(GIVEN DATA Opens)

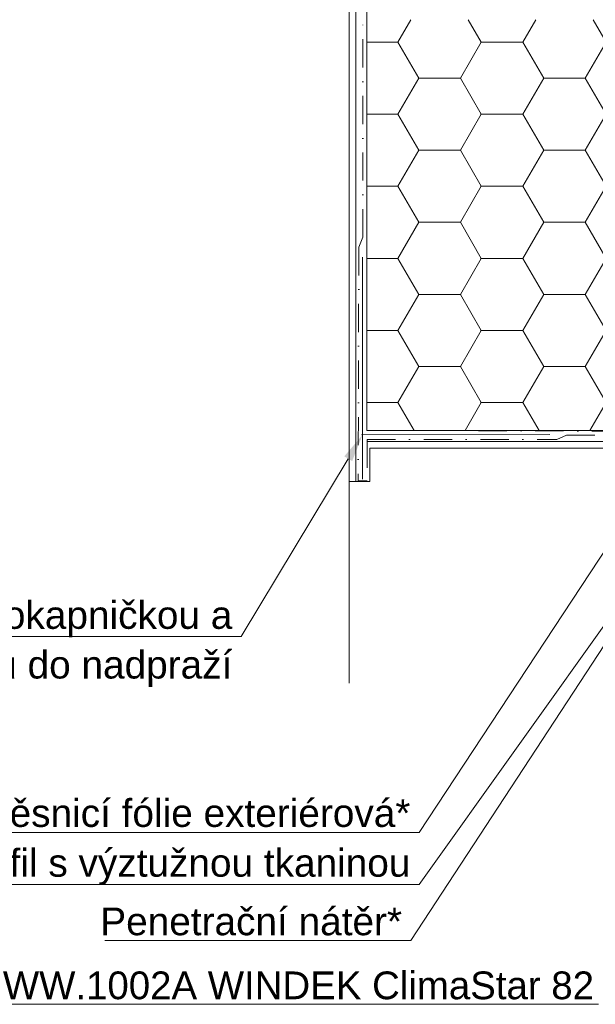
# Model space of a CAD drawing. Header units: millimetres. Extents: x -206567 to 17111, y -22400 to 134443.
# Tile 3 of 22: x -205034 to -204775, y 59814 to 60257. Entities that reach past the tile are written whole.
import ezdxf
from ezdxf.xclip import XClip

# ---------------------------------------------------------------- set-up
doc = ezdxf.new("R2010")
doc.units = ezdxf.units.MM
doc.header["$MEASUREMENT"] = 0
doc.header["$XCLIPFRAME"] = 0
doc.linetypes.add('VÝZTUŽNÁ_SÍŤ', pattern=[25.4, 12.7, -6.35, 0, -6.35])
for name, color, linetype in [('POHLED ZÁPADNÍ_1_DEK_ETICS', 7, 'Continuous'), ('POHLED ZÁPADNÍ_1_DEK_KÓTY', 7, 'Continuous'), ('POHLED ZÁPADNÍ_1_DEK_SLABA', 7, 'Continuous'), ('POHLED ZÁPADNÍ_1_DEK_Výztužná síť', 7, 'Continuous'), ('POHLED ZÁPADNÍ_1_DEK_ŠRAFY', 7, 'Continuous')]:
    doc.layers.add(name, color=color, linetype=linetype)
doc.styles.add('GENEROVANÝ_STYL_1', font='txt')
doc.linetypes.add('FENCELINE1', pattern='A,0,[1,Detail č.3 ŘEZ OKNEM - NADPRAŽÍ1.Shx,S=0.31246,R=0,X=0,Y=0],-39.37,0', length=39.37)

# ---------------------------------------------------------------- blocks, each defined once
blk = doc.blocks.new('Kresba_1_1', base_point=(-208410.27, 58942.63))
at = {"layer": 'POHLED ZÁPADNÍ_1_DEK_KÓTY', "linetype": 'Continuous', "lineweight": 18}
blk.add_hatch(color=6, dxfattribs=at).paths.add_polyline_path([(-204888.28, 60060.4), (-204884.71, 60058.25), (-204880.05, 60070.03)])
at = {"layer": 'POHLED ZÁPADNÍ_1_DEK_ŠRAFY', "linetype": 'Continuous', "lineweight": 18}
h = blk.add_hatch(dxfattribs=at)
h.set_pattern_fill('EPS_0001', color=3, style=0, pattern_type=2)
h.set_pattern_definition([(0, (-356701.612, 36344.685), (28.125, 16.2379762), [18.75, -37.5]), (120, (-356701.612, 36344.685), (-28.125, 16.2379764), [18.75, -37.5]), (60, (-356701.612, 36344.685), (6e-08, 32.4759526), [0, -37.5, 18.75, 0, 0, 0])])
h.paths.add_polyline_path([(-204878.07, 60072.03), (-204765.16, 60072.04), (-204712.91, 60072.05), (-204712.91, 60084.12, -0.414214), (-204712.71, 60084.32), (-204708.06, 60084.32), (-204708.06, 60100.8, -0.348258), (-204707.68, 60101.29), (-204709.96, 60101.28), (-204718.07, 60101.28), (-204718.07, 60257.1), (-204878.07, 60257.1)])
at = {"layer": 'POHLED ZÁPADNÍ_1_DEK_ETICS', "color": 9, "linetype": 'FENCELINE1', "lineweight": 18}
for p, q in [((-204883.07, 60049.06), (-204883.07, 60562.2)), ((-204710.97, 60067.06), (-204877.78, 60067.06))]:
    blk.add_line(p, q, dxfattribs=at)
at = {"layer": 'POHLED ZÁPADNÍ_1_DEK_KÓTY', "color": 6, "linetype": 'Continuous', "lineweight": 18}
for p, q in [((-204683.53, 60109.48), (-204858.27, 59842.34)), ((-204715.62, 60102.09), (-204854.49, 59890.94)), ((-204886.49, 60059.32), (-204934.69, 59979.23)), ((-204716.77, 60060.67), (-204854.48, 59867.56)), ((-204936.69, 59979.23), (-205184.27, 59979.23)), ((-204934.69, 59979.23), (-204936.69, 59979.23)), ((-204856.49, 59890.94), (-205083.76, 59890.94)), ((-204854.49, 59890.94), (-204856.49, 59890.94)), ((-204856.48, 59867.56), (-205214.48, 59867.56)), ((-204854.48, 59867.56), (-204856.48, 59867.56)), ((-204860.27, 59842.34), (-204996.08, 59842.34)), ((-204858.27, 59842.34), (-204860.27, 59842.34)), ((-204773.79, 59813.53), (-205043.23, 59813.53))]:
    blk.add_line(p, q, dxfattribs=at)
at = {"layer": 'POHLED ZÁPADNÍ_1_DEK_SLABA', "color": 153, "linetype": 'Continuous', "lineweight": 18}
for p, q in [((-204886.07, 60064.06), (-204886.07, 60562.2)), ((-204878.07, 60072.03), (-204878.07, 60562.2)), ((-204878.07, 60072.03), (-204712.91, 60072.04)), ((-204886.07, 60064.06), (-204886.07, 59958.16)), ((-204876.83, 60064.06), (-204876.83, 60049.06)), ((-204876.83, 60064.06), (-204710.97, 60064.03)), ((-204876.83, 60049.06), (-204886.07, 60049.06))]:
    blk.add_line(p, q, dxfattribs=at)
at = {"layer": 'POHLED ZÁPADNÍ_1_DEK_SLABA', "color": 153, "linetype": 'Continuous', "lineweight": 18, "flags": 128}
for points in [[(-204880.05, 60150.12), (-204880.05, 60050.12)], [(-204880.52, 60070.03), (-204795.77, 60070.3)]]:
    blk.add_lwpolyline(points, dxfattribs=at)
at = {"layer": 'POHLED ZÁPADNÍ_1_DEK_Výztužná síť', "color": 1, "linetype": 'VÝZTUŽNÁ_SÍŤ', "lineweight": 18}
for p, q in [((-204879.98, 60159.09), (-204879.98, 60259.09)), ((-204879.98, 60159.09), (-204881.74, 60154.61)), ((-204881.74, 60154.57), (-204881.99, 60049.37)), ((-204713.11, 60071.67), (-204828.11, 60071.88)), ((-204792.53, 60067.91), (-204788.14, 60069.95)), ((-204788.14, 60069.95), (-204711.12, 60069.95)), ((-204877.92, 60067.91), (-204877.92, 60049.36)), ((-204877.92, 60067.91), (-204792.53, 60067.91)), ((-204877.92, 60049.36), (-204882.02, 60049.37))]:
    blk.add_line(p, q, dxfattribs=at)
at = {"layer": 'POHLED ZÁPADNÍ_1_DEK_KÓTY', "color": 6, "linetype": 'Continuous', "lineweight": 18, "insert": (-204938.69, 59995.18), "char_height": 12.5, "width": 291.6294, "attachment_point": 3, "line_spacing_factor": 1.074149, "style": 'GENEROVANÝ_STYL_1'}
blk.add_mtext('\\A1;{\\pqr;\\fArial|b0|i0|c238|p38;Okenní profil s okapničkou a \\fArial|b0|i0|c238|p38;výztužnou tkaninou do nadpraží}', dxfattribs=at)
at = {"layer": 'POHLED ZÁPADNÍ_1_DEK_KÓTY', "color": 6, "linetype": 'Continuous', "lineweight": 18, "char_height": 12.5, "attachment_point": 3, "style": 'GENEROVANÝ_STYL_1'}
for s, insert in [('\\A1;{\\pqr;\\fArial|b0|i0|c238|p38;Vodotěsnicí fólie exteriérová*}', (-204858.49, 59905.94)), ('\\A1;{\\pqr;\\fArial|b0|i0|c238|p38;Začišťovací okenní profil s výztužnou tkaninou}', (-204858.48, 59883.51)), ('\\A1;{\\pqr;\\fArial|b0|i0|c238|p38;Penetrační nátěr*}', (-204862.27, 59857.14))]:
    blk.add_mtext(s, dxfattribs=dict(at, insert=insert))
at = {"layer": 'POHLED ZÁPADNÍ_1_DEK_KÓTY', "color": 180, "linetype": 'Continuous', "lineweight": 18, "insert": (-204775.79, 59828.32), "char_height": 12.5, "attachment_point": 3, "style": 'GENEROVANÝ_STYL_1'}
blk.add_mtext('\\A1;{\\pqr;\\fArial|b0|i0|c238|p38;WW.1002A WINDEK ClimaStar 82}', dxfattribs=at)

msp = doc.modelspace()

# ---------------------------------------------------------------- block references
at = {"color": 9, "linetype": 'Continuous', "lineweight": 13}
ref = msp.add_blockref('Kresba_1_1', (-208410.27, 58942.63), dxfattribs=at)
XClip(ref).set_block_clipping_path([(-206567.14210569, 55861.3404148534), (-203471.9827919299, 63468.7317322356)])

doc.saveas('drawing.dxf')

(GIVEN DATA Closes)

REQUIREMENT
Check each line of the records for the word "lineweight", and show the lines that contain it.

ANSWER SPACE
at = {"layer": 'POHLED ZÁPADNÍ_1_DEK_KÓTY', "linetype": 'Continuous', "lineweight": 18}
at = {"layer": 'POHLED ZÁPADNÍ_1_DEK_ŠRAFY', "linetype": 'Continuous', "lineweight": 18}
at = {"layer": 'POHLED ZÁPADNÍ_1_DEK_ETICS', "color": 9, "linetype": 'FENCELINE1', "lineweight": 18}
at = {"layer": 'POHLED ZÁPADNÍ_1_DEK_KÓTY', "color": 6, "linetype": 'Continuous', "lineweight": 18}
at = {"layer": 'POHLED ZÁPADNÍ_1_DEK_SLABA', "color": 153, "linetype": 'Continuous', "lineweight": 18}
at = {"layer": 'POHLED ZÁPADNÍ_1_DEK_SLABA', "color": 153, "linetype": 'Continuous', "lineweight": 18, "flags": 128}
at = {"layer": 'POHLED ZÁPADNÍ_1_DEK_Výztužná síť', "color": 1, "linetype": 'VÝZTUŽNÁ_SÍŤ', "lineweight": 18}
at = {"layer": 'POHLED ZÁPADNÍ_1_DEK_KÓTY', "color": 6, "linetype": 'Continuous', "lineweight": 18, "insert": (-204938.69, 59995.18), "char_height": 12.5, "width": 291.6294, "attachment_point": 3, "line_spacing_factor": 1.074149, "style": 'GENEROVANÝ_STYL_1'}
at = {"layer": 'POHLED ZÁPADNÍ_1_DEK_KÓTY', "color": 6, "linetype": 'Continuous', "lineweight": 18, "char_height": 12.5, "attachment_point": 3, "style": 'GENEROVANÝ_STYL_1'}
at = {"layer": 'POHLED ZÁPADNÍ_1_DEK_KÓTY', "color": 180, "linetype": 'Continuous', "lineweight": 18, "insert": (-204775.79, 59828.32), "char_height": 12.5, "attachment_point": 3, "style": 'GENEROVANÝ_STYL_1'}
at = {"color": 9, "linetype": 'Continuous', "lineweight": 13}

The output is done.